After 72-hours have passed, end the experiment on the live-cell imagining platform software then remove the 96-well plate and allow and allow it to equilibrate to Room temperature ~ 0h 20m 0s.

Note

This can be done in a non-sterile environment such as a bench top or isolated drawer.

19.

Note

*Use the following instructions to end the experiment on the IncuCyte ZOOM software.

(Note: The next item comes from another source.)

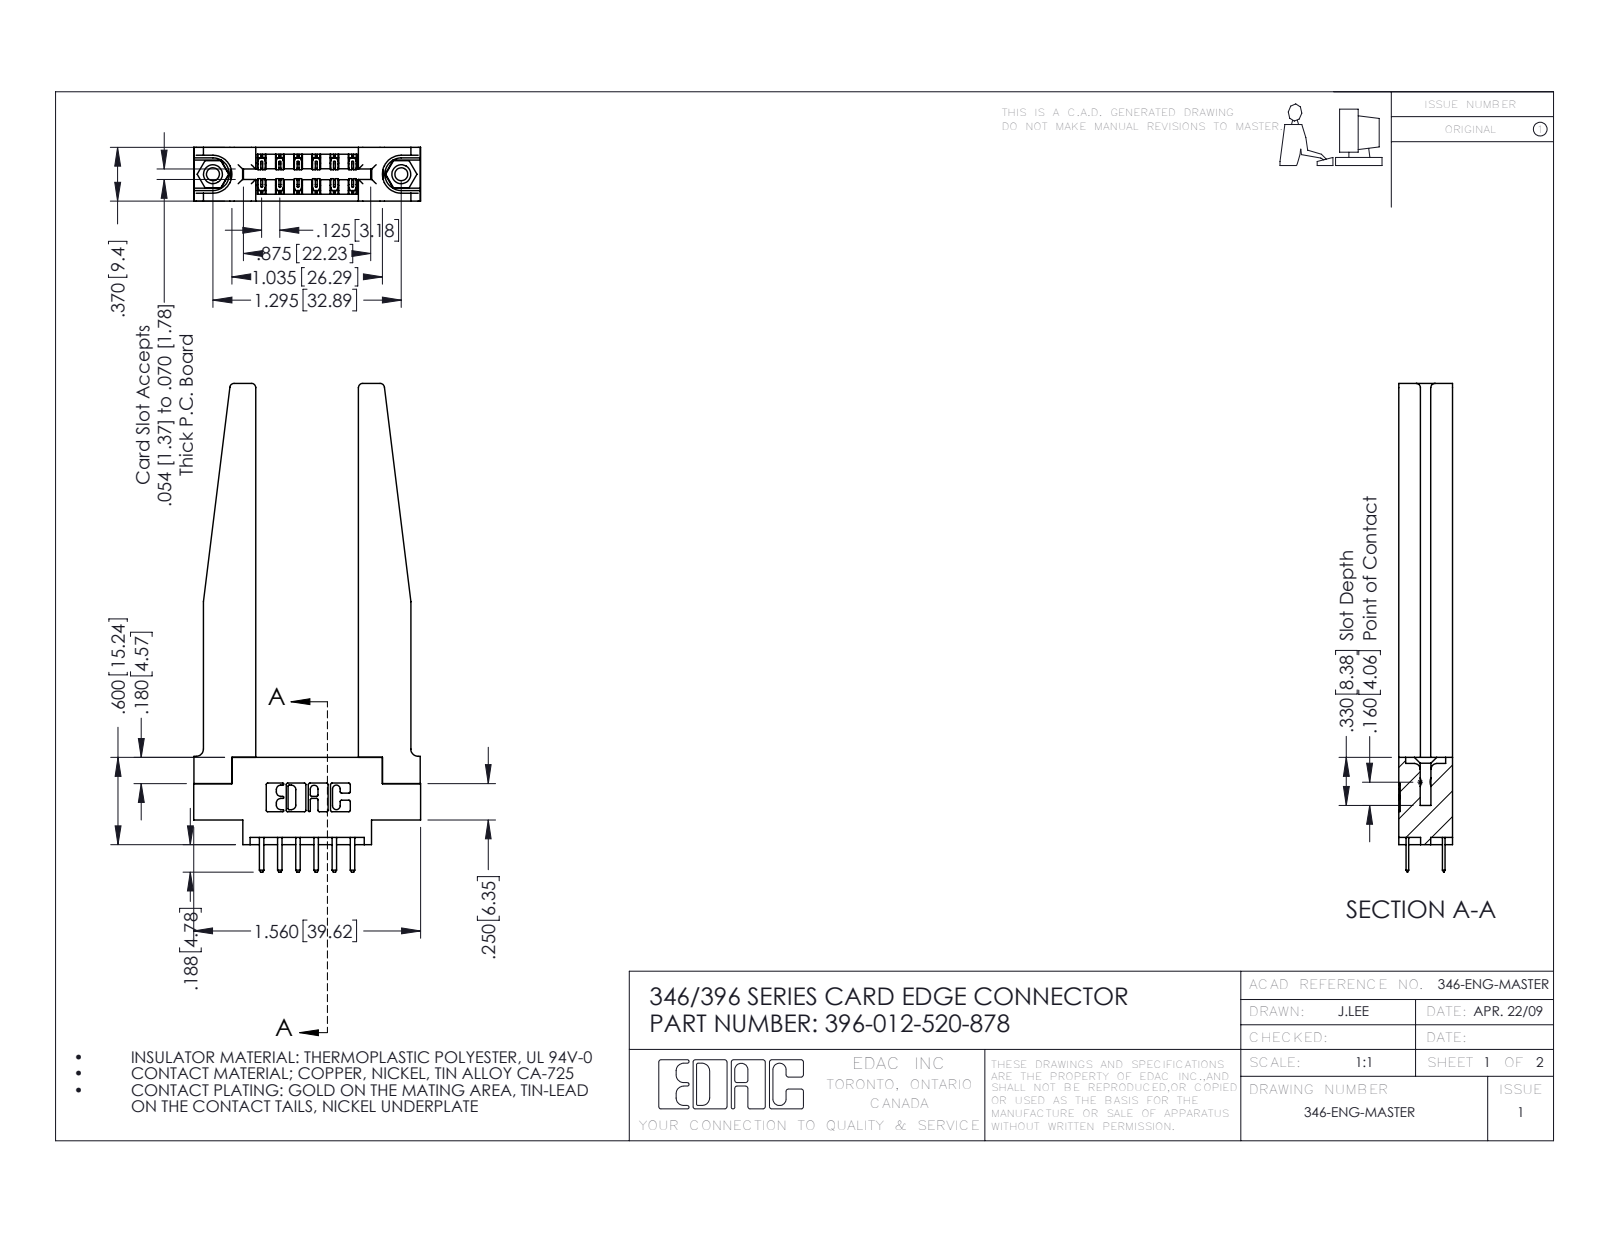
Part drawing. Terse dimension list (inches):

End IncuCyte Zoom Experiment:

19.1.

Open IncuCyte Zoom software on computer desktop.

19.2.

Connect to device.

19.3.

Under the “Task List” panel on the left-hand side, select “Schedule Scans”.

19.4.

Click on the slot housing the plate being tested on the live representative plate map for the hardware then click “Remove Vessel”.

19.5.

Click “Apply” on the bottom right corner to save changes.

19.6.

Manually remove the corresponding 96-well plate to the IncuCyte Zoom hardware.

20.

Cover the bottom of the 96-well plate with white opaque lab tape.

Note

*Note : Cover the bottom of each plate with opaque white tape (as recommended by Promega) to prevent any luminescence decrease or “cross talk” when performing the CellTiter-glo assay as the luminometer reads the each well from the top of the plate.

See example below:

21.

Transfer 10mL (per plate) of the thawed CellTiter-Glo reaction reagent into a standard 25 mL reagent reservoir.

22.

Use an 8-channel p200 multi-channel pipette (or comparable multi-channel pipette) to transfer 100µL of CellTiter-Glo reaction reagent into each well of the 96-well plate.

23.

Leave the plate cover off and transfer into a luminometer compatible with CellTiter-glo.

Note

Be mindful of the plate orientation and alignment to insure proper placement into the device.

See example below:

Note

* This protocol features the Promega GloMax (Promega, Cat# GM3500) Explorer Multimode Microplate Reader.

24.

Recommended parameters for the Luminometer are as follows:

Shake in an orbital shaker for 0h 2m 0s at 500 cycles/minute with a 1mm shaking diameter (cell lysis).
Incubate for 0h 10m 0s in a dark environment (reaction).
Read luminescence of each well at an integration of 400ms (data acquisition).
Note
*It will take ~0h 13m 0s to read each plate.